Stored entries:
※
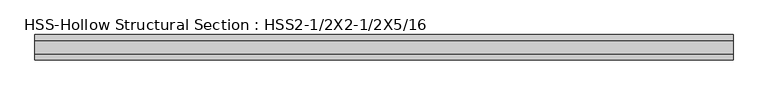
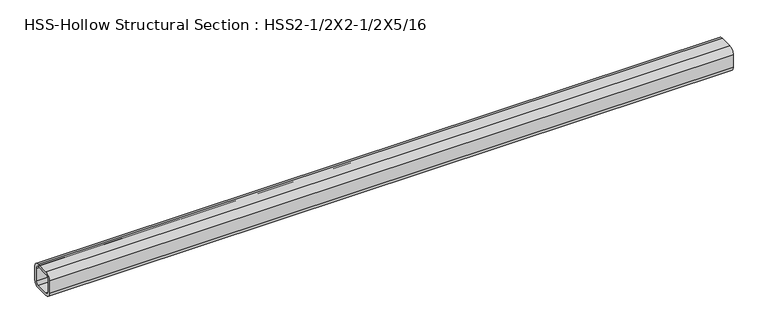
"""IFC4 building model written with IfcOpenShell, lengths in millimetres: beam geometry, HSS-Hollow Structural Section : HSS2-1/2X2-1/2X5/16."""

from ifc_helpers import new_model, si_unit, point, frame, frame_2d, origin, place, context, project, spatial, polyline, circle_curve, trimmed, segment, composite_curve, outline, extrude, source, transform, mapped, element, save


def hss_hollow_structural_section_hss2_1_2x2_1_2x5_16_7bf4390a(model_context):
    return source(origin(), model_context, "Body", "SweptSolid", [
        extrude(outline(composite_curve([segment(polyline([(31.75, 16.9672), (31.75, -16.9672)]), True, "CONTINUOUS"), segment(trimmed(circle_curve(frame_2d((16.9672, -16.9672)), 14.7828), [point((31.75, -16.9672))], [point((16.9672, -31.75))], False, "CARTESIAN"), True, "CONTINUOUS"), segment(polyline([(16.9672, -31.75), (-16.9672, -31.75)]), True, "CONTINUOUS"), segment(trimmed(circle_curve(frame_2d((-16.9672, -16.9672)), 14.7828), [point((-16.9672, -31.75))], [point((-31.75, -16.9672))], False, "CARTESIAN"), True, "CONTINUOUS"), segment(polyline([(-31.75, -16.9672), (-31.75, 16.9672)]), True, "CONTINUOUS"), segment(trimmed(circle_curve(frame_2d((-16.9672, 16.9672)), 14.7828), [point((-31.75, 16.9672))], [point((-16.9672, 31.75))], False, "CARTESIAN"), True, "CONTINUOUS"), segment(polyline([(-16.9672, 31.75), (16.9672, 31.75)]), True, "CONTINUOUS"), segment(trimmed(circle_curve(frame_2d((16.9672, 16.9672)), 14.7828), [point((16.9672, 31.75))], [point((31.75, 16.9672))], False, "CARTESIAN"), True, "CONTINUOUS")], self_intersect=False), holes=[composite_curve([segment(trimmed(circle_curve(frame_2d((-16.9672, 16.9672)), 7.3914), [point((-16.9672, 24.3586))], [point((-24.3586, 16.9672))], True, "CARTESIAN"), True, "CONTINUOUS"), segment(polyline([(-24.3586, 16.9672), (-24.3586, -16.9672)]), True, "CONTINUOUS"), segment(trimmed(circle_curve(frame_2d((-16.9672, -16.9672)), 7.3914), [point((-24.3586, -16.9672))], [point((-16.9672, -24.3586))], True, "CARTESIAN"), True, "CONTINUOUS"), segment(polyline([(-16.9672, -24.3586), (16.9672, -24.3586)]), True, "CONTINUOUS"), segment(trimmed(circle_curve(frame_2d((16.9672, -16.9672)), 7.3914), [point((16.9672, -24.3586))], [point((24.3586, -16.9672))], True, "CARTESIAN"), True, "CONTINUOUS"), segment(polyline([(24.3586, -16.9672), (24.3586, 16.9672)]), True, "CONTINUOUS"), segment(trimmed(circle_curve(frame_2d((16.9672, 16.9672)), 7.3914), [point((24.3586, 16.9672))], [point((16.9672, 24.3586))], True, "CARTESIAN"), True, "CONTINUOUS"), segment(polyline([(16.9672, 24.3586), (-16.9672, 24.3586)]), True, "CONTINUOUS")], self_intersect=False)]), frame((-906.1782689, 0.0, 0.0), z_axis=(1.0, 0.0, 0.0), x_axis=(0.0, 1.0, 0.0)), (0.0, 0.0, 1.0), 1741.6810272),
    ])


if __name__ == "__main__":
    model = new_model("IFC4")
    model_context = context("Model", 3, world=origin())
    ifc_project = project(units=[si_unit("LENGTHUNIT", "METRE", prefix="MILLI")], contexts=[model_context])
    site = spatial("IfcSite", under=ifc_project)
    building = spatial("IfcBuilding", under=site)
    placement = place(None, origin())
    hss_hollow_structural_section_hss2_1_2x2_1_2x5_16_shape = hss_hollow_structural_section_hss2_1_2x2_1_2x5_16_7bf4390a(model_context)
    element("IfcBeam", 1, ObjectType="HSS-Hollow Structural Section : HSS2-1/2X2-1/2X5/16", at=placement, inside=building, context=model_context, shape_type="MappedRepresentation", body=[
        mapped(hss_hollow_structural_section_hss2_1_2x2_1_2x5_16_shape, transform((0.0, 0.0, 0.0), x_axis=(1.0, 0.0, 0.0), y_axis=(0.0, 1.0, 0.0), z_axis=(0.0, 0.0, 1.0))),
    ])
    save(model, "model.ifc")

# Revit data of these elements
# Type "HSS-Hollow Structural Section : HSS2-1/2X2-1/2X5/16"
#   Assembly Code = "B10"
#   Shape = "Square"
#   W = 8.4
#   Ht = 0' - 2 1/2"
#   Length [instance default] = 5' - 0"
#   b = 0' - 2 1/2"
#   kr = 0' - 0.582"
#   t = 0' - 0.291"
#   A = 0.0163194 SF
#   Structural Material [instance default] = Steel ASTM A500, Grade B, Rectangular and Square
# Element 1 (IfcBeam, "HSS-Hollow Structural Section : HSS2-1/2X2-1/2X5/16")
#   Materials on its faces: "Steel ASTM A500, Grade B, Rectangular and Square"
# Materials
#   "Steel ASTM A500, Grade B, Rectangular and Square": class "Metal", colour RGB 199 199 199, transparency 0, Description = "Carbon steel", Cost = 0
※
# [HOW TO COMPLETE THIS TASK]
Should a record include a picture, drop the picture and write out the remainder exactly.

# [SOLUTION]
"""IFC4 building model written with IfcOpenShell, lengths in millimetres: beam geometry, HSS-Hollow Structural Section : HSS2-1/2X2-1/2X5/16."""

from ifc_helpers import new_model, si_unit, point, frame, frame_2d, origin, place, context, project, spatial, polyline, circle_curve, trimmed, segment, composite_curve, outline, extrude, source, transform, mapped, element, save


def hss_hollow_structural_section_hss2_1_2x2_1_2x5_16_7bf4390a(model_context):
    return source(origin(), model_context, "Body", "SweptSolid", [
        extrude(outline(composite_curve([segment(polyline([(31.75, 16.9672), (31.75, -16.9672)]), True, "CONTINUOUS"), segment(trimmed(circle_curve(frame_2d((16.9672, -16.9672)), 14.7828), [point((31.75, -16.9672))], [point((16.9672, -31.75))], False, "CARTESIAN"), True, "CONTINUOUS"), segment(polyline([(16.9672, -31.75), (-16.9672, -31.75)]), True, "CONTINUOUS"), segment(trimmed(circle_curve(frame_2d((-16.9672, -16.9672)), 14.7828), [point((-16.9672, -31.75))], [point((-31.75, -16.9672))], False, "CARTESIAN"), True, "CONTINUOUS"), segment(polyline([(-31.75, -16.9672), (-31.75, 16.9672)]), True, "CONTINUOUS"), segment(trimmed(circle_curve(frame_2d((-16.9672, 16.9672)), 14.7828), [point((-31.75, 16.9672))], [point((-16.9672, 31.75))], False, "CARTESIAN"), True, "CONTINUOUS"), segment(polyline([(-16.9672, 31.75), (16.9672, 31.75)]), True, "CONTINUOUS"), segment(trimmed(circle_curve(frame_2d((16.9672, 16.9672)), 14.7828), [point((16.9672, 31.75))], [point((31.75, 16.9672))], False, "CARTESIAN"), True, "CONTINUOUS")], self_intersect=False), holes=[composite_curve([segment(trimmed(circle_curve(frame_2d((-16.9672, 16.9672)), 7.3914), [point((-16.9672, 24.3586))], [point((-24.3586, 16.9672))], True, "CARTESIAN"), True, "CONTINUOUS"), segment(polyline([(-24.3586, 16.9672), (-24.3586, -16.9672)]), True, "CONTINUOUS"), segment(trimmed(circle_curve(frame_2d((-16.9672, -16.9672)), 7.3914), [point((-24.3586, -16.9672))], [point((-16.9672, -24.3586))], True, "CARTESIAN"), True, "CONTINUOUS"), segment(polyline([(-16.9672, -24.3586), (16.9672, -24.3586)]), True, "CONTINUOUS"), segment(trimmed(circle_curve(frame_2d((16.9672, -16.9672)), 7.3914), [point((16.9672, -24.3586))], [point((24.3586, -16.9672))], True, "CARTESIAN"), True, "CONTINUOUS"), segment(polyline([(24.3586, -16.9672), (24.3586, 16.9672)]), True, "CONTINUOUS"), segment(trimmed(circle_curve(frame_2d((16.9672, 16.9672)), 7.3914), [point((24.3586, 16.9672))], [point((16.9672, 24.3586))], True, "CARTESIAN"), True, "CONTINUOUS"), segment(polyline([(16.9672, 24.3586), (-16.9672, 24.3586)]), True, "CONTINUOUS")], self_intersect=False)]), frame((-906.1782689, 0.0, 0.0), z_axis=(1.0, 0.0, 0.0), x_axis=(0.0, 1.0, 0.0)), (0.0, 0.0, 1.0), 1741.6810272),
    ])


if __name__ == "__main__":
    model = new_model("IFC4")
    model_context = context("Model", 3, world=origin())
    ifc_project = project(units=[si_unit("LENGTHUNIT", "METRE", prefix="MILLI")], contexts=[model_context])
    site = spatial("IfcSite", under=ifc_project)
    building = spatial("IfcBuilding", under=site)
    placement = place(None, origin())
    hss_hollow_structural_section_hss2_1_2x2_1_2x5_16_shape = hss_hollow_structural_section_hss2_1_2x2_1_2x5_16_7bf4390a(model_context)
    element("IfcBeam", 1, ObjectType="HSS-Hollow Structural Section : HSS2-1/2X2-1/2X5/16", at=placement, inside=building, context=model_context, shape_type="MappedRepresentation", body=[
        mapped(hss_hollow_structural_section_hss2_1_2x2_1_2x5_16_shape, transform((0.0, 0.0, 0.0), x_axis=(1.0, 0.0, 0.0), y_axis=(0.0, 1.0, 0.0), z_axis=(0.0, 0.0, 1.0))),
    ])
    save(model, "model.ifc")

# Revit data of these elements
# Type "HSS-Hollow Structural Section : HSS2-1/2X2-1/2X5/16"
#   Assembly Code = "B10"
#   Shape = "Square"
#   W = 8.4
#   Ht = 0' - 2 1/2"
#   Length [instance default] = 5' - 0"
#   b = 0' - 2 1/2"
#   kr = 0' - 0.582"
#   t = 0' - 0.291"
#   A = 0.0163194 SF
#   Structural Material [instance default] = Steel ASTM A500, Grade B, Rectangular and Square
# Element 1 (IfcBeam, "HSS-Hollow Structural Section : HSS2-1/2X2-1/2X5/16")
#   Materials on its faces: "Steel ASTM A500, Grade B, Rectangular and Square"
# Materials
#   "Steel ASTM A500, Grade B, Rectangular and Square": class "Metal", colour RGB 199 199 199, transparency 0, Description = "Carbon steel", Cost = 0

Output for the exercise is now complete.